You may need to install the ipympl package first.
#%matplotlib widget
t, X = ode_integrate([1.0, 1.0, 20.0], 0.02, 30)
from mpl_toolkits.mplot3d import Axes3D
fig = plt.figure()
ax = plt.axes(projection='3d')
ax.plot(X[0,:], X[1,:], X[2,:])
fig.set_size_inches(8.0,6.0)
try it
Rerun the integration, but change the initial conditions by 1 part in \(10^6\) for one of the components. The make a plot of \(x\) vs. \(t\) comparing the solutions. You’ll see that the 2 solutions track well for some time but then greatly diverged.
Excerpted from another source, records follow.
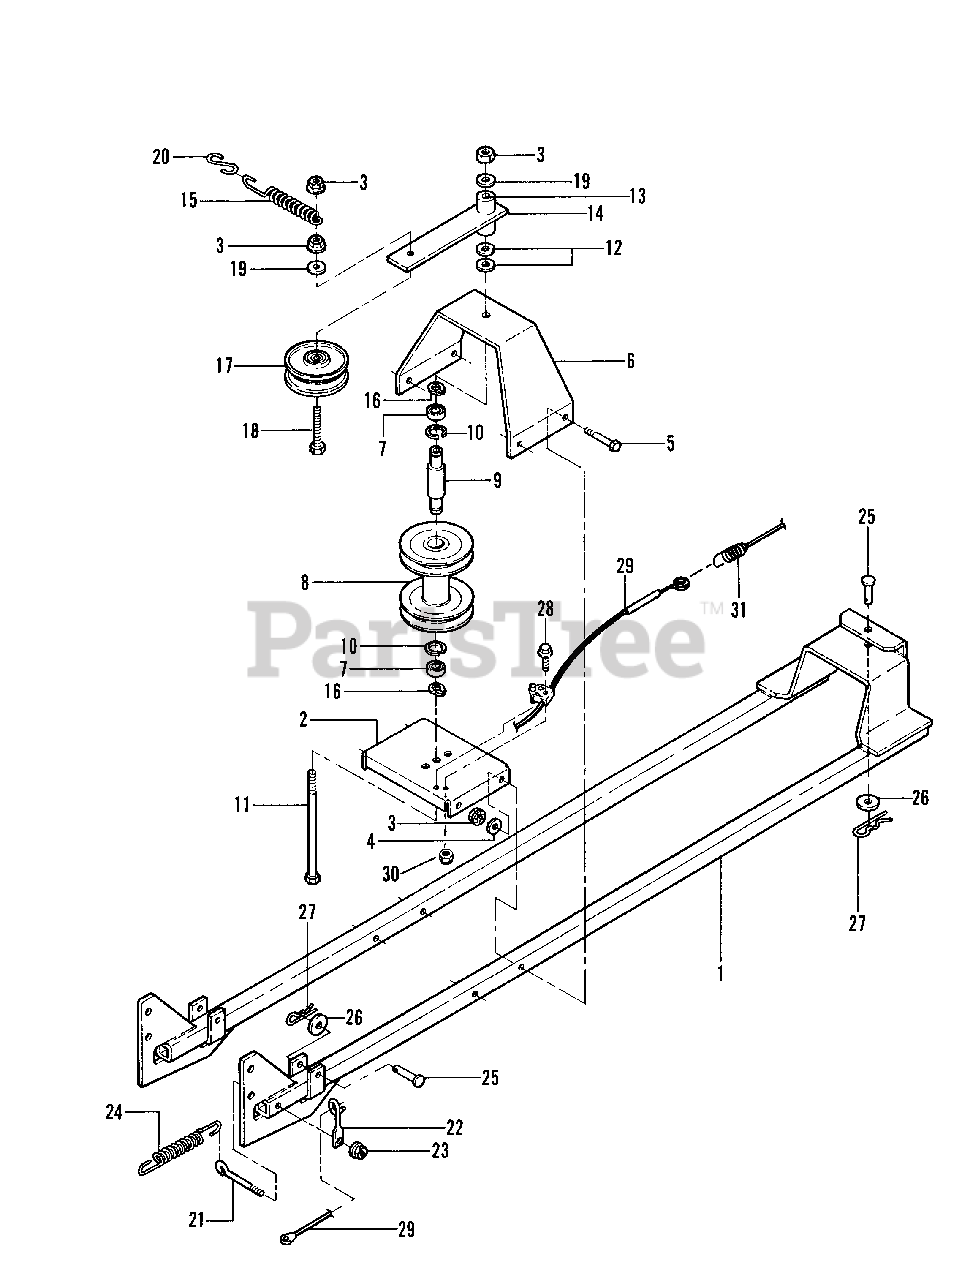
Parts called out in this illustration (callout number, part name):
1	SUPPORT, Tube Structure
2	SUPPORT, Lower Idler
3	NUT, 3/8-16 Hex Lock
4	WASHER, 3/8" Flat
5	SCREW, 3/8-16 x 2" Hex Head Cap
6	SUPPORT, Upper Idler
7	BEARING, Spindel
8	IDLER, Stacked
9	SHAFT, Stacked
10	RING, Internal Jack Shaft
11	BOLT, 3/8-16 x 6" Hex Head Cap, Grade 5
12	WASHER, 3/8" Flat
13	SPACER
14	ARM, Idler
15	SPRING, Idler
16	RING, Bearing Retaining
17	PULLEY, Idler
18	SCREW, 3/8-16 x 2 1/4" Hex Head Cap, Y.Z.C., Grade 5
19	WASHER, 3/8 Split Lock
20	S-HOOK
21	BOLT, Eye
22	GUIDE, Pull Rope
23	NUT, 1/4-20 Hex Center Lock
24	SPRING
25	PIN, Clevis
26	WASHER, Flat, 17/32" I.D. x 1 1/16" O.D.
27	PIN, Hair
28	SCREW, #10-32 x 5/8" Hex Washer Head, Grade 5
29	ASSEMBLY, Cable
30	NUT, #10-32 Hex Nyloc
31	CABLE, PTO
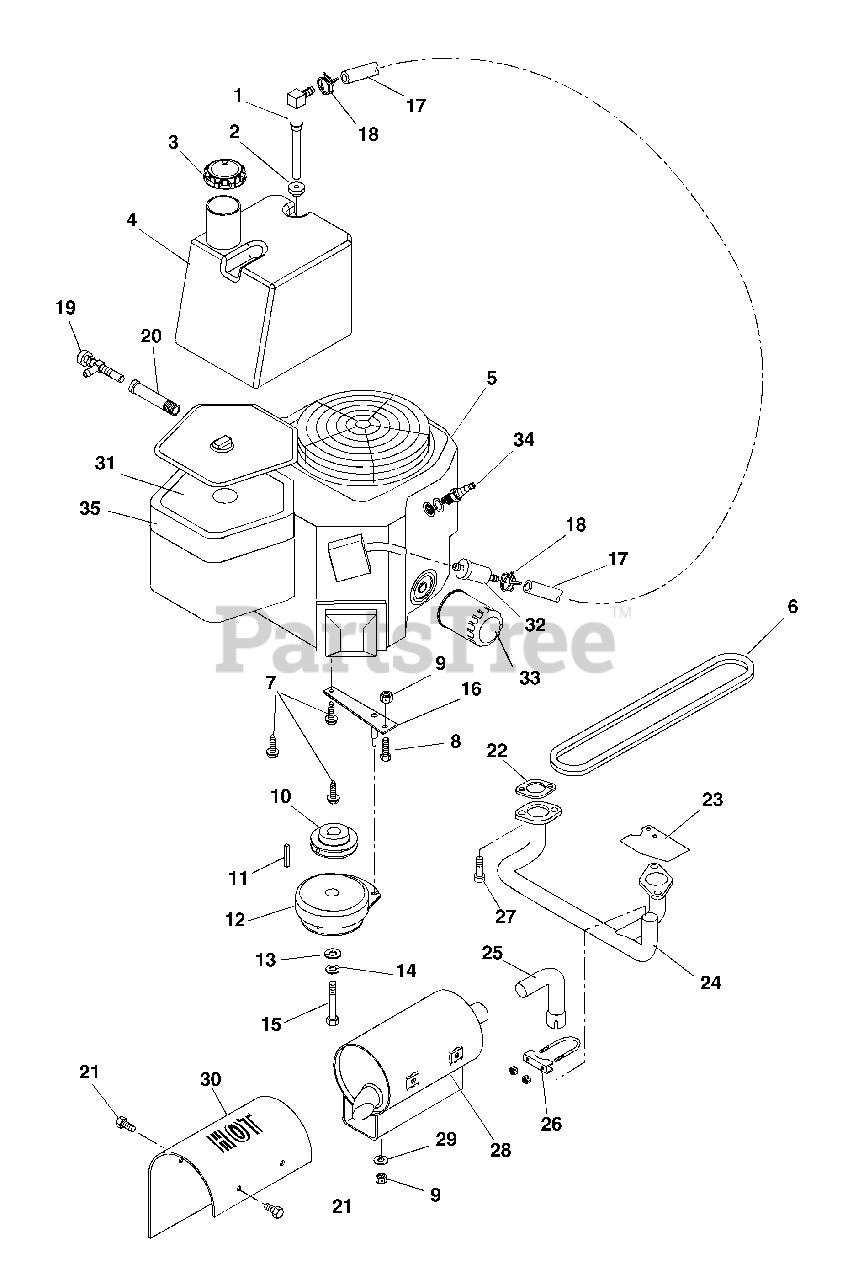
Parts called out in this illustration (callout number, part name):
1	Fitting, Tank
2	Bushing
3	Cap, Gas
4	Tank, Fuel
5	Engine, 27HP Kohler 6-Pin (018)
5	Engine, 25HP Kawasaki (020)
6	V-Belt A-Section 24.90 x .500 /.031
7	Screw-Tapping Hex-Washer-Head .38-16 x 1.00
8	Bolt-Hex .31-18 x 1.75 Grade 5
9	Nut-Locking-Center .31-18
10	Pulley-4.46 Dia. x 1.12 Bore
11	Key-Square .25 x 1.00 x .25
12	Electric Clutch
13	Washer-Flat-Steel .515 x 1.625 x .250
14	Washer-Locking .44 x .109
15	Bolt-Hex .44-20 x 3.00 Grade 5
16	Anchor-Clutch
17	Gas Line-Bulk 1/4" ID
18	Hose-Clamp
19	Nipple, Pipe .38 x 6.00 Unfinished Steel
20	Pipe Cap
21	Bolt, Hex M5 - .8 x 8 mm
22	Gasket-Exhaust (018)
23	Heat Deflector (018)
24	Manifold-Kohler CV18-27 (018)
24	Manifold-Kawasaki, PM310 (020)
25	Tube, Manifold
26	U-Bolt, 1/4-20 x 1.50
27	Screw-Socket Head M8-1.25 x 20 mm
28	Muffler (Includes 09066300 Heat Shield)
29	Washer, Flat-Steel
30	Heat Shield (Included with 09065600 Muffler)
31	Air Filter (018)
31	Air Filter (020)
32	Fuel Filter
33	Filter, Oil- Kohler CV20 (018)
33	Filter, Oil- Kawasaki (020)
34	Spark Plug (018)
34	Spark Plug (020)
35	Element, Precleaner (018)
35	Element, Precleaner (020)
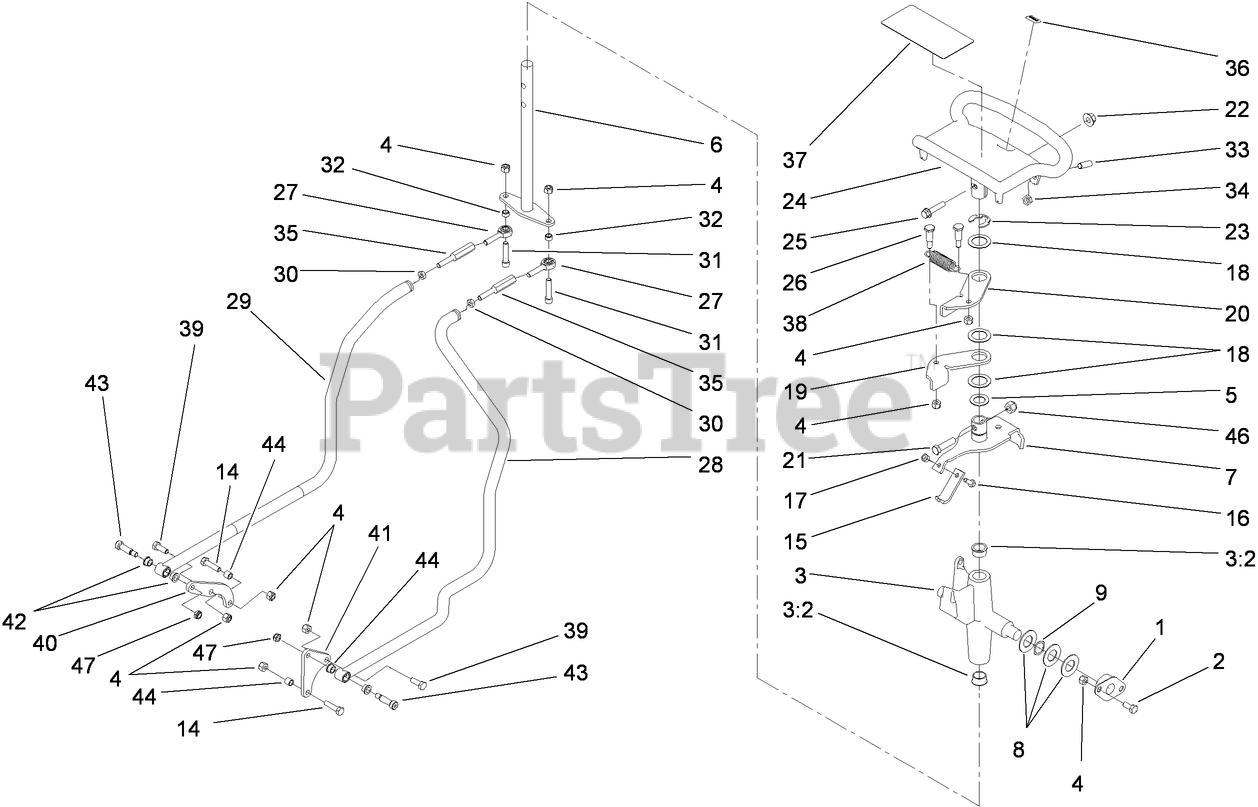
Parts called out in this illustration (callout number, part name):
1	BUSHING
2	SCREW-HH
3	CONTROL SUPPORT ASM
3:2	BEARING-FLANGE
4	NUT-LOCK, NI
5	WASHER-THRUST
6	DRIVE ROD ASM
7	LEVER-PIVOT
8	WASHER-FLAT
9	WASHER-SPRING, WAVE
14	SCREW-HH
15	PLATE-NEUTRAL
16	SCREW-HH
17	NUT-LOCK, NI
18	WASHER-PLAIN
19	LEVER-RETURN, RH
20	LEVER-RETURN, LH
21	SCREW-HH
22	NUT-FLANGE
23	RING-RETAINING
24	HANDLE-CONTROL
25	SCREW-HHF
26	SCREW-SHOULDER
27	BEARING-ROD END, LH
28	ROD-CONTROL, LH
29	ROD-CONTROL, RH
30	NUT-JAM
31	SCREW-HSH
32	SPACER-LEVER, TRACTION
33	SCREW-SET
34	NUT-JAM
35	LINK-CONTROL
36	DECAL
37	DECAL-TRACTION
38	SPRING-EXTENSION
39	SCREW-HH
40	PLATE-ADAPTER, CONTROL, RH
41	PLATE-ADAPTER, CONTROL, LH
42	BUSHING-FLANGED
43	BOLT-SHOULDER
44	SPACER
46	NUT-LOCK, NI
47	NUT-LOCK, NI
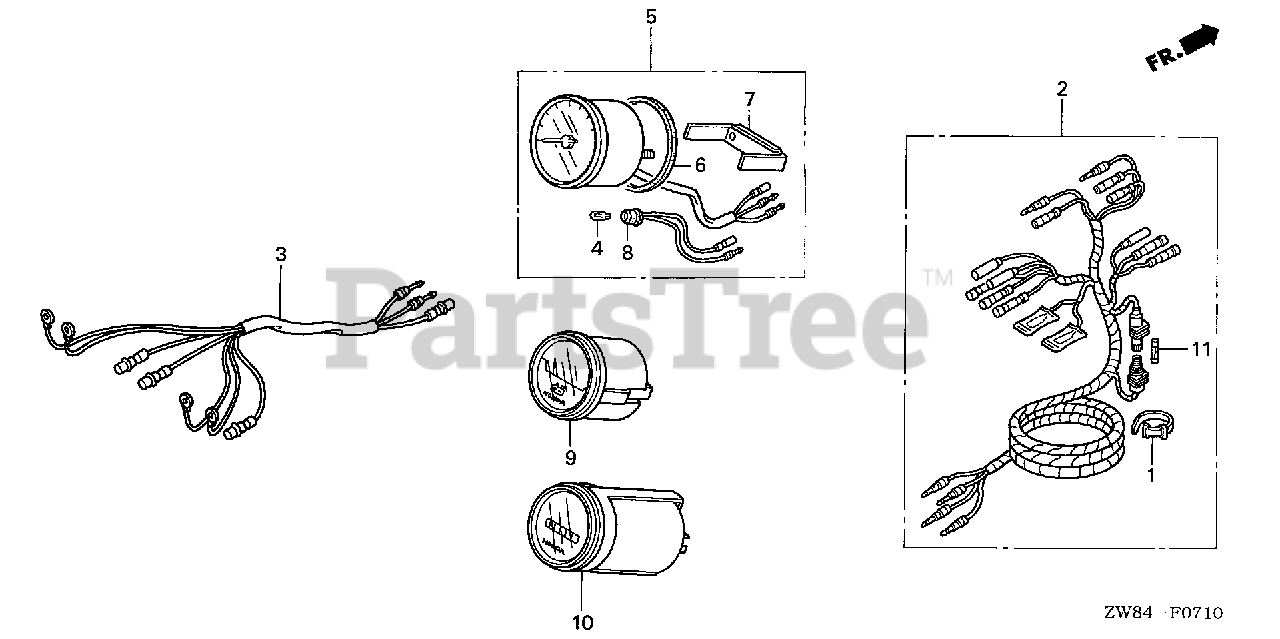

This is the sensitivity to initial conditions that is the hallmark of chaos.
X.shape
(3, 1500)
t2, X2 = ode_integrate([1.0001, 1.0, 20.0], 0.02, 30)
fig, ax = plt.subplots()
ax.plot(t, X[0, :])
ax.plot(t2, X2[0, :])
[<matplotlib.lines.Line2D at 0x7efdd5ffe3c0>]
Multi-variate root find#
We can find the steady points in this system by doing a multi-variate root find on the RHS vector
sol1 = optimize.root(f, [2., 2., 2.], jac=True)
print(sol1.x)
sol2 = optimize.root(f, [10., -10., 10.], jac=True)
print(sol2.x)
sol3 = optimize.root(f, [-10., -10., -10.], jac=True)
print(sol3.x)
[0. 0. 0.]
[0. 0. 0.]
[-8.48528137 -8.48528137 27. ]
fig = plt.figure()
fig.set_size_inches(8, 8)
ax = plt.axes(projection='3d')
ax.plot(X[0,:], X[1,:], X[2,:])
ax.scatter(sol1.x[0], sol1.x[1], sol1.x[2], marker="x", color="C1")
ax.scatter(sol2.x[0], sol2.x[1], sol2.x[2], marker="x", color="C1")
ax.scatter(sol3.x[0], sol3.x[1], sol3.x[2], marker="x", color="C1")
ax.set_xlabel("x")
ax.set_ylabel("y")
ax.set_zlabel("z")
Text(0.5, 0, 'z')
Stiff system of ODEs#
A stiff system of ODEs is one where there are multiple disparate timescales for change and we need to respect all of them to get an accurate solution
Here is an example from Chemical Kinetics (see, ex. Byrne & Hindmarsh 1986, or the VODE source code)
start with \(y_1(0) = 1, y_2(0) = y_3(0) = 0\). Long term behavior is \(y_1, y_2 \rightarrow 0; y_3 \rightarrow 1\)
def rhs(t, Y):
""" RHS of the system -- using 0-based indexing """
y1 = Y[0]
y2 = Y[1]
y3 = Y[2]
dy1dt = -0.04*y1 + 1.e4*y2*y3
dy2dt = 0.04*y1 - 1.e4*y2*y3 - 3.e7*y2**2
dy3dt = 3.e7*y2**2
return np.array([dy1dt, dy2dt, dy3dt])
def jac(t, Y):
""" J_{i,j} = df_i/dy_j """
y1 = Y[0]
y2 = Y[1]
y3 = Y[2]
df1dy1 = -0.04
df1dy2 = 1.e4*y3
df1dy3 = 1.e4*y2
df2dy1 = 0.04
df2dy2 = -1.e4*y3 - 6.e7*y2
df2dy3 = -1.e4*y2
df3dy1 = 0.0
df3dy2 = 6.e7*y2
df3dy3 = 0.0
return np.array([ [ df1dy1, df1dy2, df1dy3 ],
[ df2dy1, df2dy2, df2dy3 ],
[ df3dy1, df3dy2, df3dy3 ] ])
def vode_integrate(Y0, tmax):
""" integrate using the NDF method """
r = integrate.solve_ivp(rhs, (0.0, tmax), Y0,
method="BDF", jac=jac, rtol=1.e-7, atol=1.e-10)
# Note: this solver does not have a dens_output method, instead we
# access the solution data where it was evaluated internally via
# the return object
print(r)
return r.t, r.y
Y0 = np.array([1.0, 0.0, 0.0])
tmax = 4.e7
ts, Ys = vode_integrate(Y0, tmax)
fig, ax = plt.subplots()
ax.loglog(ts, Ys[0,:], label=r"$y_1$")
ax.loglog(ts, Ys[1,:], label=r"$y_2$")
ax.loglog(ts, Ys[2,:], label=r"$y_3$")
ax.legend(loc="best", frameon=False)
ax.set_xlabel("time")
message: The solver successfully reached the end of the integration interval.
success: True
status: 0
t: [ 0.000e+00 3.196e-07 ... 3.894e+07 4.000e+07]
y: [[ 1.000e+00 1.000e+00 ... 5.344e-05 5.203e-05]
[ 0.000e+00 1.278e-08 ... 2.138e-10 2.081e-10]
[ 0.000e+00 1.323e-15 ... 9.999e-01 9.999e-01]]
sol: None
t_events: None
y_events: None
nfev: 2029
njev: 12
nlu: 130
Text(0.5, 0, 'time')
sol
---------------------------------------------------------------------------
NameError Traceback (most recent call last)
Cell In[48], line 1
----> 1 sol
NameError: name 'sol' is not defined
try it
Redo this integration, but now use the RK45 solver instead of BDF. Does it work?
You may need to use the kernel menu in Jupyter to interrupt the kernel if you get impatient.